Portrait of Tschabalala Self in her New Haven, Connecticut, studio by Alex John Beck for Artsy.
In the year and a half since finishing her MFA at Yale, 26-year-old Self has garnered a wide audience for her dynamic representations of the black female body. In addition to solo shows at galleries in New York, Berlin, Naples, and L.A., she’s participated in nearly 30 group exhibitions (among them, showings at the Studio Museum in Harlem and Mark Bradford’s Art + Practice). While foregrounding the way we perceive black female bodies within contemporary culture, Self draws on personal experiences to address issues pertaining to race, sex, and gender.
Self has become best known for canvases sewn with textiles—from denim pockets to fabrics printed with cheetah spots or sunflowers—and filled with vibrant colors (yellows, pinks, turquoise). They picture strong female protagonists who exude power and command the viewer’s attention. In recent works, she furthers these narratives through depictions of couples entwined in sexual acts, which see women in positions of dominance. “Self has that rare and remarkable ability to hit the desired balance between understanding of her subjects, her own spontaneous and confident handling of them, as well as her use of unexpected technique and materials,” says Ziba Ardalan, founder of London’s Parasol unit foundation for contemporary art, where Self kicks off 2017 with a solo show.
Portrait of Cheng Ran in Shanghai by Samuel Croskery for Artsy.
This year, Chinese video artist Cheng’s inaugural trip to the U.S. marked a groundbreaking moment in his career: the first solo museum show of his work outside of China, at the New Museum in New York. On view through mid-January, “Cheng Ran: Diary of a Madman” follows Cheng’s three-month-long residency at the museum as part of a new collaboration with the K11 Art Foundation. It brings to light the hypnotizing effects of Cheng’s films, which fuse aspects of contemporary everyday life with elements of myth and mystery—and have grabbed the attention of curators, critics, and collectors alike this past year.
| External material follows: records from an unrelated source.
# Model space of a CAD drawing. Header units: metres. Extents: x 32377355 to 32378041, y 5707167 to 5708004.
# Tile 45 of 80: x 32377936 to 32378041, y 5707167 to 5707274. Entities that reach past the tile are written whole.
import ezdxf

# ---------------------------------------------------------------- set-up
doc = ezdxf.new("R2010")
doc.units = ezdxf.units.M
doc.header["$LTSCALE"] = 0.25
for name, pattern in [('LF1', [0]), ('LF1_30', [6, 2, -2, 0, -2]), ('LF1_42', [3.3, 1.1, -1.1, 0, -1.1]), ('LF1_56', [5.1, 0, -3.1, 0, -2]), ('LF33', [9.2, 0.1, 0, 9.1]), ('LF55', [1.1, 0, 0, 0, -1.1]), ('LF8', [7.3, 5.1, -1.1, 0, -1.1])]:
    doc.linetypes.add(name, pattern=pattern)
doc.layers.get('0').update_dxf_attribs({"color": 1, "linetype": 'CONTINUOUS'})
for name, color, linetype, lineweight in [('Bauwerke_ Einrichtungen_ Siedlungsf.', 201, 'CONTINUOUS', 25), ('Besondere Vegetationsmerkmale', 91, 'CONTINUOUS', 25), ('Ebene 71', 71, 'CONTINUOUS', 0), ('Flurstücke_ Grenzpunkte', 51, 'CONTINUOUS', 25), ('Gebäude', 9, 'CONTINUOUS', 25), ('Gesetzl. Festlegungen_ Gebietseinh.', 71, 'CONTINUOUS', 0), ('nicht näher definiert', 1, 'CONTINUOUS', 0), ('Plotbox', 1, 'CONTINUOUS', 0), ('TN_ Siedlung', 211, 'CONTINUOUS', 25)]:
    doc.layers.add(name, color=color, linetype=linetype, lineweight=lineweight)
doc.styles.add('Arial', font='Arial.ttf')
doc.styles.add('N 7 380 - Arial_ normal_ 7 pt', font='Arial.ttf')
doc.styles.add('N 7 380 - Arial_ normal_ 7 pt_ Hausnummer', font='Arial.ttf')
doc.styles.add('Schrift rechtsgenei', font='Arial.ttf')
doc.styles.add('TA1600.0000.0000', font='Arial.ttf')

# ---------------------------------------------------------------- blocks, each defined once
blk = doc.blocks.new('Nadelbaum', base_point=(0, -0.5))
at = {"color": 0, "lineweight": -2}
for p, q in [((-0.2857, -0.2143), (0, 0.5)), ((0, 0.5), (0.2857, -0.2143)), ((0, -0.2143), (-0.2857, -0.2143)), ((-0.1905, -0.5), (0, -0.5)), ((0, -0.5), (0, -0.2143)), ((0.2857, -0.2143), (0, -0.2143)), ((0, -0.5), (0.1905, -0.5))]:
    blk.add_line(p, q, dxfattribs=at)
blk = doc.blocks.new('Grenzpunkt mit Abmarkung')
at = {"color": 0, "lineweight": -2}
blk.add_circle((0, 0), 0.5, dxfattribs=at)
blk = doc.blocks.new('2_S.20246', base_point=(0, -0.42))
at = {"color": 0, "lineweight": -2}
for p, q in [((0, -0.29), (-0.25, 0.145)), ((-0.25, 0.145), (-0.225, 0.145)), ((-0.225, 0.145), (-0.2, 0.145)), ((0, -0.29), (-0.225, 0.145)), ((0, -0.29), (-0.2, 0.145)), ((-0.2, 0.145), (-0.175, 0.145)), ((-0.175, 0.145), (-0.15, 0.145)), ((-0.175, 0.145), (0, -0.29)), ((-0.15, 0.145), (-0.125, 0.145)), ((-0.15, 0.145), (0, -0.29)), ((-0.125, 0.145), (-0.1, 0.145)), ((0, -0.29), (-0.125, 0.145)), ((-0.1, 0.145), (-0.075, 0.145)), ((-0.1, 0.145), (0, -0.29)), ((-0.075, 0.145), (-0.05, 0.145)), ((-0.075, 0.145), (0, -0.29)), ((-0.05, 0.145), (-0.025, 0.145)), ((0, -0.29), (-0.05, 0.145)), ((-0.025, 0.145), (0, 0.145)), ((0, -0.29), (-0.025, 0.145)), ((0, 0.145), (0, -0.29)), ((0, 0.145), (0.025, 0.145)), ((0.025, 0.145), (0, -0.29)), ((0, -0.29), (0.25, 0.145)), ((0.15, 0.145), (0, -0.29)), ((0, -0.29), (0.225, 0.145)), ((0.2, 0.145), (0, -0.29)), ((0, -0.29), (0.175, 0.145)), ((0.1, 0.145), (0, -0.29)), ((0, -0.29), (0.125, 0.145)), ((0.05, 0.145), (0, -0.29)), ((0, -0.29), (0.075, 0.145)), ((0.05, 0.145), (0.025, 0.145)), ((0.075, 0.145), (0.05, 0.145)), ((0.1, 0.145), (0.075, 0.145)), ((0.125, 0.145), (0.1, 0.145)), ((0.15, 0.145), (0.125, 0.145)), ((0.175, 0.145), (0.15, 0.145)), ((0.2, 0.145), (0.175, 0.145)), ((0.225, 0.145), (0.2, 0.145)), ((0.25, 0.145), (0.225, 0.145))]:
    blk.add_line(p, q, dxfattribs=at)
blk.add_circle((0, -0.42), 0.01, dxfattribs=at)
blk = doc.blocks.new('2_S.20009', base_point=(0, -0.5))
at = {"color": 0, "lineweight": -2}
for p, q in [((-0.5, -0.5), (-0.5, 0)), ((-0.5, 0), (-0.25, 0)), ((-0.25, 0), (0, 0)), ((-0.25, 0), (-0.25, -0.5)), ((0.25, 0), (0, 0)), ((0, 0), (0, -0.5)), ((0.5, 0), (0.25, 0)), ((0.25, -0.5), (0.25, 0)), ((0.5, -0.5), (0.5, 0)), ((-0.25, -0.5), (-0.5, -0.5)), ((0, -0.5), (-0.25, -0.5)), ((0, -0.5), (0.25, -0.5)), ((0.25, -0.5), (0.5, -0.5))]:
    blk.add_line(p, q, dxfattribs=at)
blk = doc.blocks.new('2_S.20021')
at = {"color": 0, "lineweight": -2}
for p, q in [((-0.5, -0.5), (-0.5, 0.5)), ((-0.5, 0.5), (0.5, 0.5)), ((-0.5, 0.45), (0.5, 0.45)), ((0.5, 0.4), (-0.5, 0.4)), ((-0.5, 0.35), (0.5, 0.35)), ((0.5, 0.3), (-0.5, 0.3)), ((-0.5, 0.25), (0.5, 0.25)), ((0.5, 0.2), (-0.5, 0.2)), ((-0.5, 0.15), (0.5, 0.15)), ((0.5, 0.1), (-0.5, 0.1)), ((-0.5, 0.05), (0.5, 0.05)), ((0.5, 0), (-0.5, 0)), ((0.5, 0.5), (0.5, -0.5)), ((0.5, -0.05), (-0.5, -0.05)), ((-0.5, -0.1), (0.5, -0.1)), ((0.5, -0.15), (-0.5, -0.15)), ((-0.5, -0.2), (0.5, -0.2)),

Case in point: In Cheng’s March solo exhibition at the K11 Art Foundation’s Hong Kong outpost, chi art space, he unveiled an epic nine-hour film, In Course of the Miraculous (2016), which visualized the stories behind unsolved mysteries, like the disappearances of British mountaineer George Mallory and conceptual artist Bas Jan Ader.
“Not only is his work remarkable—In Course of the Miraculous has already attained a kind of cult status—but he is a great catalyst and an enthusiast, someone who can spend three months in New York and not only make great work, but also really absorb and engage with the art scenes here,” says New Museum artistic director Massimiliano Gioni. For the 15 videos currently on view in “Diary of a Madman,” Cheng layers footage of both the mundane (city streets) and the mysterious (an abandoned asylum) taken around New York, piecing together a dreamlike vision of an outsider’s experience. “I think his work preserves the immediacy of the tradition of independent cinema coupled with a sense of wonder and spectacle that we usually expect from more mainstream cinema,” adds Gioni.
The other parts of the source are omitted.